ASSIGNED TASK:
Scan the records below. List lines holding "radius".
····················
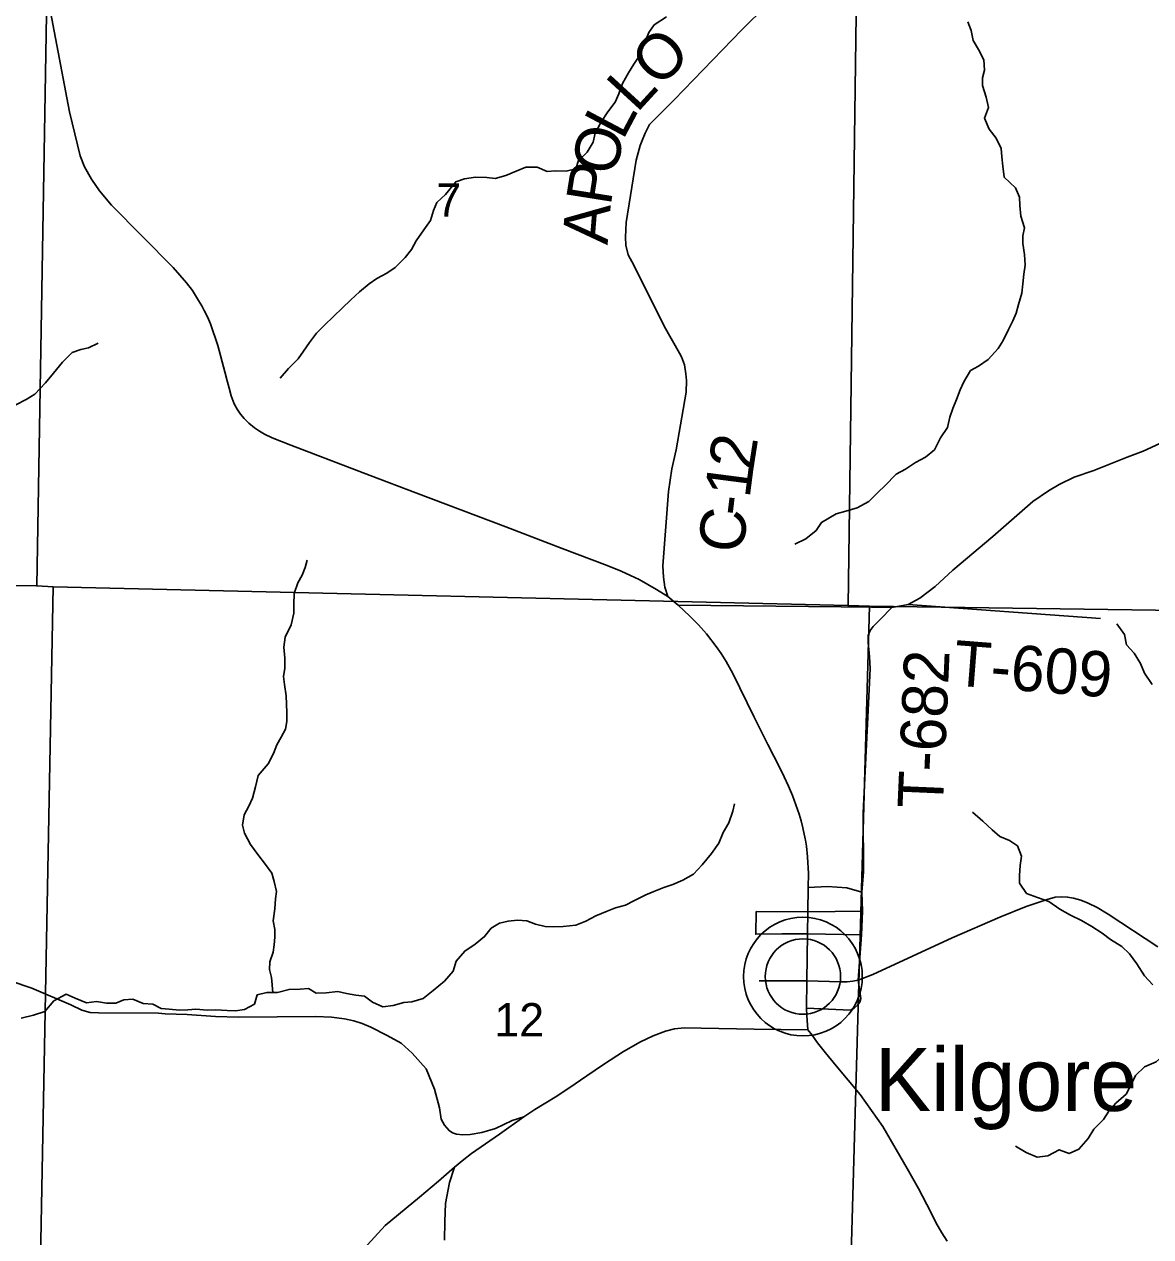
# Model space of a CAD drawing. Extents: x -3.6 to 34, y 0 to 32.8.
# Drawn here: x -1.822 to -0.41, y 28.286 to 29.806 of the extents above; entities that cross this region are included whole.
import ezdxf

# ---------------------------------------------------------------- set-up
doc = ezdxf.new("R2010")
doc.units = 0
for name, color, linetype in [('GM_X_Corporation', 7, 'Continuous'), ('GM_X_County_Road', 7, 'Continuous'), ('GM_X_County_Road_Text', 7, 'Continuous'), ('GM_X_Minor_River', 7, 'Continuous'), ('GM_X_Section_Text', 7, 'Continuous'), ('GM_X_State_Route', 7, 'Continuous'), ('GM_X_Township_Road', 7, 'Continuous'), ('GM_X_Township_Road_Text', 7, 'Continuous'), ('GM_X_Unincorporated', 7, 'Continuous'), ('GM_X_Unincorporated_Location', 7, 'Continuous'), ('GM_X_Unincorporated_Text', 7, 'Continuous')]:
    doc.layers.add(name, color=color, linetype=linetype)

msp = doc.modelspace()

# ---------------------------------------------------------------- linework, layer by layer
at = {"layer": 'GM_X_Corporation'}
for points in [[(-1.7886, 30.1145), (-1.8059, 29.1018), (-2.8121, 29.1143), (-2.8032, 30.1329)], [(-0.7755, 30.0957), (-0.7893, 29.0771), (-1.7854, 29.1006), (-1.8059, 29.1018), (-1.7886, 30.1145)], [(-0.7755, 30.0957), (0.2459, 30.0789), (0.244, 29.9924), (0.223, 29.0627), (-0.7627, 29.0764), (-0.7893, 29.0771)], [(-2.8121, 29.1143), (-1.8059, 29.1018), (-1.7854, 29.1006), (-1.8056, 28.0368), (-2.8264, 28.0607)], [(-1.7854, 29.1006), (-0.7893, 29.0771), (-0.7627, 29.0764), (-0.7925, 28.0131), (-1.8056, 28.0368)], [(-0.7627, 29.0764), (0.223, 29.0627), (0.2209, 28.9831), (0.2524, 28.9828), (0.2336, 27.9902), (-0.7925, 28.0131)]]:
    msp.add_lwpolyline(points, close=True, dxfattribs=at)
at = {"layer": 'GM_X_County_Road'}
for points in [[(-1.0152, 29.0884), (-1.0189, 29.1001), (-1.0207, 29.1126), (-1.0216, 29.1271), (-1.0143, 29.2203), (-1.01, 29.2486), (-1.0049, 29.2725), (-0.9923, 29.3448), (-0.9918, 29.3592), (-0.9927, 29.3675), (-0.9944, 29.379), (-0.9979, 29.389), (-1.0004, 29.3936), (-1.0199, 29.4275), (-1.058, 29.5039), (-1.0649, 29.5167), (-1.068, 29.5289), (-1.0684, 29.539), (-1.0675, 29.5572), (-1.0547, 29.6353), (-1.0497, 29.6536), (-1.0473, 29.6601), (-1.0435, 29.6693), (-1.0381, 29.6799), (-1.0074, 29.7109), (-0.9225, 29.7987), (-0.8913, 29.8296)], [(-0.3986, 29.2802), (-0.4194, 29.2707), (-0.4398, 29.263), (-0.4816, 29.2465), (-0.5061, 29.238), (-0.5248, 29.2291), (-0.5383, 29.2211), (-0.558, 29.2075), (-0.6078, 29.1636), (-0.6582, 29.1216), (-0.6802, 29.1011), (-0.6995, 29.0863), (-0.7139, 29.0786), (-0.7344, 29.0749), (-0.7599, 29.0751), (-0.7981, 29.0758), (-1.0024, 29.0776)], [(-1.8378, 28.6067), (-1.8123, 28.5976), (-1.7632, 28.5767), (-1.7493, 28.5703), (-1.7388, 28.5674), (-1.7286, 28.5667), (-1.6532, 28.5663), (-1.6449, 28.5656), (-1.6176, 28.5646), (-1.5819, 28.5622), (-1.5531, 28.5614), (-1.4564, 28.5624), (-1.4368, 28.5615), (-1.4204, 28.5594), (-1.4087, 28.5569), (-1.3981, 28.5535), (-1.3874, 28.5489), (-1.367, 28.5386), (-1.3493, 28.5287), (-1.3357, 28.5163), (-1.3181, 28.4965), (-1.3075, 28.471), (-1.3013, 28.448), (-1.2993, 28.4336), (-1.295, 28.426), (-1.2892, 28.4193), (-1.2849, 28.4164), (-1.28, 28.415), (-1.2721, 28.4139), (-1.263, 28.4143), (-1.2481, 28.4167), (-1.2311, 28.4218), (-1.2102, 28.4319), (-1.1957, 28.4367)], [(-1.2824, 28.3736), (-1.2889, 28.3544), (-1.2936, 28.3279), (-1.2948, 28.3054), (-1.2951, 28.2819)]]:
    msp.add_lwpolyline(points, dxfattribs=at)
at = {"layer": 'GM_X_Minor_River'}
for points in [[(-1.0169, 29.8148), (-1.0322, 29.8051), (-1.0392, 29.7955), (-1.0465, 29.7764), (-1.0512, 29.7657), (-1.0579, 29.7558), (-1.0645, 29.745), (-1.0718, 29.7313), (-1.0765, 29.7183), (-1.0813, 29.708), (-1.0905, 29.6961), (-1.099, 29.6827), (-1.1063, 29.6693), (-1.1088, 29.6579), (-1.1161, 29.6456), (-1.1273, 29.6348), (-1.1305, 29.6245), (-1.1426, 29.6216), (-1.1559, 29.6222), (-1.1664, 29.6212), (-1.179, 29.6267), (-1.193, 29.6265), (-1.2051, 29.6217), (-1.2182, 29.6162), (-1.2314, 29.6126), (-1.242, 29.6135), (-1.256, 29.614), (-1.27, 29.6119), (-1.2809, 29.6083), (-1.2939, 29.5925), (-1.3047, 29.5825), (-1.3087, 29.5722), (-1.3126, 29.5596), (-1.3208, 29.5481), (-1.3304, 29.5343), (-1.3362, 29.5236), (-1.3444, 29.5136), (-1.357, 29.5009), (-1.3671, 29.4939), (-1.3799, 29.4872), (-1.3896, 29.4806), (-1.4016, 29.4702), (-1.4124, 29.4605), (-1.4232, 29.4501), (-1.4336, 29.44), (-1.4459, 29.4281), (-1.4552, 29.4184), (-1.4641, 29.4069), (-1.4718, 29.3962), (-1.4785, 29.3866), (-1.4907, 29.3743), (-1.5008, 29.362)], [(-0.6391, 29.8086), (-0.6352, 29.7977), (-0.6327, 29.7852), (-0.6261, 29.7739), (-0.6191, 29.7611), (-0.6185, 29.7482), (-0.621, 29.7387), (-0.6209, 29.7289), (-0.6165, 29.7145), (-0.6133, 29.7013), (-0.6184, 29.6879), (-0.6125, 29.6744), (-0.6036, 29.6631), (-0.5977, 29.6499), (-0.5968, 29.6397), (-0.5955, 29.628), (-0.5938, 29.614), (-0.5796, 29.6005), (-0.5745, 29.5892), (-0.5743, 29.5786), (-0.573, 29.5654), (-0.5682, 29.5506), (-0.5703, 29.5404), (-0.5702, 29.5309), (-0.5681, 29.5173), (-0.5675, 29.504), (-0.5692, 29.4926), (-0.5702, 29.4804), (-0.5715, 29.4687), (-0.5758, 29.4546), (-0.5787, 29.4435), (-0.5831, 29.434), (-0.5882, 29.4233), (-0.5952, 29.4095), (-0.6011, 29.3992), (-0.6137, 29.3857), (-0.6261, 29.3772), (-0.6359, 29.3717), (-0.6443, 29.3575), (-0.6487, 29.3476), (-0.6535, 29.3354), (-0.6582, 29.324), (-0.6618, 29.3133), (-0.6647, 29.3003), (-0.6735, 29.2873), (-0.6809, 29.2724), (-0.6925, 29.2631), (-0.7049, 29.2565), (-0.7172, 29.2483), (-0.7292, 29.2417), (-0.7431, 29.2271)], [(-1.8322, 29.3286), (-1.8194, 29.3353), (-1.8085, 29.3423), (-1.7948, 29.3565), (-1.7851, 29.3685), (-1.7736, 29.3823), (-1.7614, 29.3943), (-1.7508, 29.3982), (-1.741, 29.4003), (-1.729, 29.4062)], [(-0.7431, 29.2271), (-0.7515, 29.2194), (-0.7634, 29.2078), (-0.778, 29.1996), (-0.7923, 29.1955), (-0.8044, 29.1923), (-0.8227, 29.1814), (-0.8294, 29.1714), (-0.8424, 29.161), (-0.8559, 29.1543)], [(-1.5102, 28.5923), (-1.512, 28.6112), (-1.5145, 28.6211), (-1.5139, 28.6309), (-1.5099, 28.6427), (-1.5086, 28.6522), (-1.5076, 28.6617), (-1.5078, 28.6712), (-1.5095, 28.6822), (-1.5075, 28.697), (-1.5069, 28.7095), (-1.5056, 28.719), (-1.5084, 28.7315), (-1.5113, 28.742), (-1.5194, 28.7529), (-1.5291, 28.7652), (-1.538, 28.7776), (-1.5458, 28.7922), (-1.5483, 28.8021), (-1.5462, 28.815), (-1.54, 28.8257), (-1.5356, 28.836), (-1.5317, 28.8501), (-1.5285, 28.8642), (-1.5159, 28.8788), (-1.5093, 28.8918), (-1.505, 28.9029), (-1.4998, 28.9124), (-1.4943, 28.9224), (-1.4926, 28.9319), (-1.4924, 28.9433), (-1.493, 28.9535), (-1.4935, 28.9641), (-1.4957, 28.9784), (-1.4966, 28.9883), (-1.4949, 28.9986), (-1.4951, 29.0111), (-1.4965, 29.0251), (-1.4948, 29.0376), (-1.4871, 29.0529), (-1.4839, 29.0677), (-1.4838, 29.0787), (-1.4832, 29.0924), (-1.4789, 29.1057), (-1.4734, 29.1153), (-1.4698, 29.1248), (-1.4669, 29.1343)], [(-0.4085, 28.9781), (-0.4178, 28.9927), (-0.4229, 29.0048), (-0.431, 29.0175), (-0.4403, 29.028), (-0.4431, 29.0409), (-0.4528, 29.0544)], [(-1.0091, 28.7275), (-0.9963, 28.733), (-0.9832, 28.7405), (-0.972, 28.7524), (-0.9605, 28.7666), (-0.9513, 28.7793), (-0.9459, 28.793), (-0.9389, 28.8049), (-0.9338, 28.8194), (-0.9317, 28.8289)], [(-0.4076, 28.6018), (-0.418, 28.6134), (-0.4277, 28.6284), (-0.4366, 28.6408), (-0.4462, 28.6501), (-0.4607, 28.6586), (-0.4711, 28.6668), (-0.4841, 28.675), (-0.4967, 28.6824), (-0.5108, 28.6894), (-0.5241, 28.6967), (-0.5379, 28.7064), (-0.552, 28.7115), (-0.5657, 28.7162), (-0.5746, 28.7293), (-0.5747, 28.7388), (-0.5738, 28.7514), (-0.5721, 28.7631), (-0.5772, 28.776), (-0.5871, 28.783), (-0.5993, 28.7878), (-0.6089, 28.7963), (-0.6204, 28.8072), (-0.6335, 28.8183)], [(-1.8253, 28.56), (-1.8099, 28.5641), (-1.796, 28.5685), (-1.7845, 28.5819), (-1.7691, 28.5902), (-1.7576, 28.5851), (-1.7435, 28.5792), (-1.7311, 28.581), (-1.7185, 28.5789), (-1.7068, 28.5791), (-1.6967, 28.5831), (-1.6857, 28.584), (-1.6724, 28.5786), (-1.6606, 28.5776), (-1.6499, 28.5721), (-1.6401, 28.5715), (-1.6272, 28.5702), (-1.6166, 28.5708), (-1.6064, 28.5713), (-1.592, 28.5701), (-1.5814, 28.5706), (-1.5674, 28.5697), (-1.5571, 28.5695), (-1.5458, 28.5709), (-1.533, 28.5779), (-1.5298, 28.5893), (-1.5178, 28.5922), (-1.5041, 28.5924), (-1.4898, 28.5961), (-1.4758, 28.5963), (-1.4656, 28.5973), (-1.4557, 28.5914), (-1.4432, 28.592), (-1.4288, 28.5937), (-1.4178, 28.5909), (-1.406, 28.5888), (-1.3954, 28.5878), (-1.3851, 28.5804), (-1.3721, 28.5742), (-1.3593, 28.576), (-1.3461, 28.58), (-1.3359, 28.5805), (-1.3216, 28.5846), (-1.3092, 28.595), (-1.2951, 28.6066), (-1.2843, 28.6189), (-1.2804, 28.6315), (-1.2696, 28.6442), (-1.2565, 28.6528), (-1.2449, 28.6624), (-1.2364, 28.6728), (-1.2263, 28.6794), (-1.2154, 28.6819), (-1.2036, 28.6829), (-1.1919, 28.6823), (-1.1812, 28.6779), (-1.1687, 28.6751), (-1.1588, 28.6745), (-1.1463, 28.6751), (-1.1305, 28.6769), (-1.1181, 28.6817), (-1.1053, 28.6883), (-1.0914, 28.6943), (-1.0809, 28.6986), (-1.0681, 28.7019), (-1.0576, 28.707), (-1.0426, 28.7148), (-1.0328, 28.7191), (-1.0204, 28.7239), (-1.0091, 28.7275)], [(-0.3547, 28.5599), (-0.3686, 28.5462), (-0.3756, 28.5363), (-0.383, 28.5267), (-0.3916, 28.5159), (-0.4035, 28.5055), (-0.4178, 28.4992), (-0.4294, 28.4884), (-0.4341, 28.4777), (-0.4408, 28.4651), (-0.4538, 28.4535), (-0.4627, 28.4435), (-0.4694, 28.4332), (-0.4813, 28.4209), (-0.4887, 28.4094), (-0.5002, 28.3959), (-0.5123, 28.3904), (-0.5248, 28.3952), (-0.5391, 28.3877), (-0.5523, 28.386), (-0.566, 28.3919), (-0.5794, 28.3996)]]:
    msp.add_lwpolyline(points, dxfattribs=at)
at = {"layer": 'GM_X_State_Route'}
for p, q in [((-0.8416, 28.5725), (-0.841, 28.6069)), ((-0.841, 28.5635), (-0.8416, 28.5725)), ((-0.8398, 28.5456), (-0.841, 28.5635))]:
    msp.add_line(p, q, dxfattribs=at)
for points in [[(-0.8428, 28.7831), (-0.8432, 28.785), (-0.8461, 28.7986), (-0.8482, 28.8075), (-0.8506, 28.816), (-0.8546, 28.8276), (-0.8588, 28.839), (-0.864, 28.8508), (-0.8696, 28.8625), (-0.8763, 28.8762), (-0.8823, 28.8886), (-0.8899, 28.9032), (-0.9069, 28.9372), (-0.9338, 28.9922), (-0.942, 29.007), (-0.9482, 29.017), (-0.9545, 29.0261), (-0.9667, 29.0416), (-0.9768, 29.053), (-0.9875, 29.064), (-1.0024, 29.0776), (-1.0152, 29.0884), (-1.0294, 29.0972), (-1.0401, 29.1035), (-1.0513, 29.1098), (-1.0621, 29.115), (-1.0737, 29.1202), (-1.0913, 29.1274), (-1.1477, 29.1487), (-1.218, 29.1757), (-1.3311, 29.2185), (-1.3881, 29.2404), (-1.4874, 29.2781), (-1.511, 29.2875), (-1.5206, 29.2922), (-1.5268, 29.2959), (-1.533, 29.3), (-1.5401, 29.3056), (-1.5462, 29.3117), (-1.5505, 29.3172), (-1.5548, 29.3232), (-1.5584, 29.3302), (-1.5623, 29.3402), (-1.565, 29.3496), (-1.5675, 29.3588), (-1.5703, 29.37), (-1.579, 29.4032), (-1.5881, 29.4302), (-1.5919, 29.439), (-1.5961, 29.4469), (-1.5989, 29.4528), (-1.6032, 29.4596), (-1.6107, 29.4722), (-1.6184, 29.4816), (-1.6348, 29.5009), (-1.7121, 29.5788), (-1.7275, 29.5969), (-1.7374, 29.6115), (-1.7459, 29.6271), (-1.7516, 29.6409), (-1.7649, 29.6958), (-1.7902, 29.83)], [(-0.841, 28.6069), (-0.8401, 28.6659), (-0.8399, 28.6933), (-0.8392, 28.7238), (-0.8391, 28.7416), (-0.84, 28.7622), (-0.8416, 28.7758), (-0.8428, 28.7831)], [(-0.841, 28.6069), (-0.7983, 28.6055), (-0.7903, 28.6058), (-0.7834, 28.6064), (-0.7769, 28.6077), (-0.7583, 28.6148), (-0.6589, 28.6609), (-0.5993, 28.6869), (-0.5663, 28.7), (-0.54, 28.7088), (-0.5297, 28.7119), (-0.5214, 28.7123), (-0.5143, 28.712), (-0.5068, 28.7104), (-0.4979, 28.708), (-0.4887, 28.7043), (-0.4772, 28.6989), (-0.4635, 28.6907), (-0.4014, 28.6497)], [(-1.4901, 28.1685), (-1.3693, 28.3004), (-1.3265, 28.336), (-1.3027, 28.356), (-1.2824, 28.3736), (-1.2708, 28.3831), (-1.261, 28.3907), (-1.226, 28.415), (-1.1957, 28.4367), (-1.182, 28.4456), (-1.1565, 28.4613), (-1.1394, 28.4724), (-1.1168, 28.4879), (-1.0957, 28.502), (-1.0709, 28.5182), (-1.0496, 28.5304), (-1.0334, 28.5382), (-1.0182, 28.5438), (-1.0067, 28.5466), (-0.9943, 28.5479), (-0.9736, 28.5478), (-0.9072, 28.5463), (-0.8398, 28.5456)], [(-0.6652, 28.2808), (-0.6719, 28.2911), (-0.6794, 28.3041), (-0.6857, 28.3169), (-0.7012, 28.3466), (-0.7153, 28.3717), (-0.7459, 28.4245), (-0.7743, 28.4647), (-0.8042, 28.5005), (-0.8177, 28.5169), (-0.826, 28.5272), (-0.8289, 28.5309), (-0.8314, 28.5345), (-0.8342, 28.5387), (-0.8398, 28.5456)]]:
    msp.add_lwpolyline(points, dxfattribs=at)
at = {"layer": 'GM_X_Township_Road'}
for p, q in [((-0.7139, 29.0786), (-0.4732, 29.0612)), ((-0.8399, 28.6933), (-0.7714, 28.6942)), ((-0.841, 28.6069), (-0.9008, 28.6071))]:
    msp.add_line(p, q, dxfattribs=at)
for points in [[(-0.7344, 29.0749), (-0.7487, 29.0602), (-0.7578, 29.0509), (-0.7616, 29.0461), (-0.7643, 29.0399), (-0.7642, 29.0305), (-0.7632, 29.022), (-0.7626, 29.0129), (-0.7616, 28.9982), (-0.7645, 28.9374), (-0.7685, 28.861), (-0.7703, 28.817), (-0.7699, 28.743), (-0.772, 28.7179)], [(-0.772, 28.7179), (-0.7908, 28.7237), (-0.8153, 28.725), (-0.8392, 28.7238)], [(-0.7769, 28.6077), (-0.7726, 28.6644), (-0.7714, 28.6942), (-0.772, 28.7179)], [(-0.8714, 28.6658), (-0.8724, 28.6658), (-0.905, 28.6653), (-0.9044, 28.6938), (-0.8399, 28.6933)], [(-0.7726, 28.6644), (-0.8401, 28.6659), (-0.8714, 28.6658)], [(-0.8416, 28.5725), (-0.7862, 28.5702), (-0.7812, 28.573), (-0.7774, 28.5765), (-0.7748, 28.5803), (-0.7735, 28.5848), (-0.7769, 28.6077)]]:
    msp.add_lwpolyline(points, dxfattribs=at)
at = {"layer": 'GM_X_Unincorporated'}
for radius in [0.0744, 0.0472]:
    msp.add_circle((-0.8459, 28.6123), radius, dxfattribs=at)
at = {"layer": 'GM_X_Unincorporated_Location'}
msp.add_line((-0.8459, 28.6123), (-0.8459, 28.6123), dxfattribs=at)

# ---------------------------------------------------------------- texts
at = {"layer": 'GM_X_County_Road_Text'}
for s, rotation, p in [('O', 45.5783, (-1.0256, 29.7247)), ('L', 47.4539, (-1.054, 29.6937)), ('L', 62.1143, (-1.0717, 29.6593)), ('O', 77.5233, (-1.0811, 29.6142)), ('P', 80.9681, (-1.0869, 29.5773)), ('A', 85.4637, (-1.0907, 29.5286)), ('2', 81.0968, (-0.9084, 29.2451)), ('1', 82.6265, (-0.9128, 29.2108)), ('-', 83.0827, (-0.9156, 29.1878)), ('C', 83.2047, (-0.9212, 29.1415))]:
    msp.add_text(s, height=0.0568, rotation=rotation, dxfattribs=at).set_placement(p)
at = {"layer": 'GM_X_Section_Text'}
for s, height, p in [('7', 0.0419, (-1.3054, 29.5645)), ('12', 0.04186, (-1.2325, 28.5372))]:
    msp.add_text(s, height=height, rotation=0, dxfattribs=at).set_placement(p)
at = {"layer": 'GM_X_Township_Road_Text'}
for s, rotation, p in [('T-609', 355.5152, (-0.6586, 28.9773)), ('T-682', 87.4983, (-0.6707, 28.822))]:
    msp.add_text(s, height=0.05682, rotation=rotation, dxfattribs=at).set_placement(p)
at = {"layer": 'GM_X_Unincorporated_Text'}
msp.add_text('Kilgore', height=0.07898, rotation=0, dxfattribs=at).set_placement((-0.7558, 28.4439))

doc.saveas('drawing.dxf')
····················
TASK OUTPUT:
for radius in [0.0744, 0.0472]:
    msp.add_circle((-0.8459, 28.6123), radius, dxfattribs=at)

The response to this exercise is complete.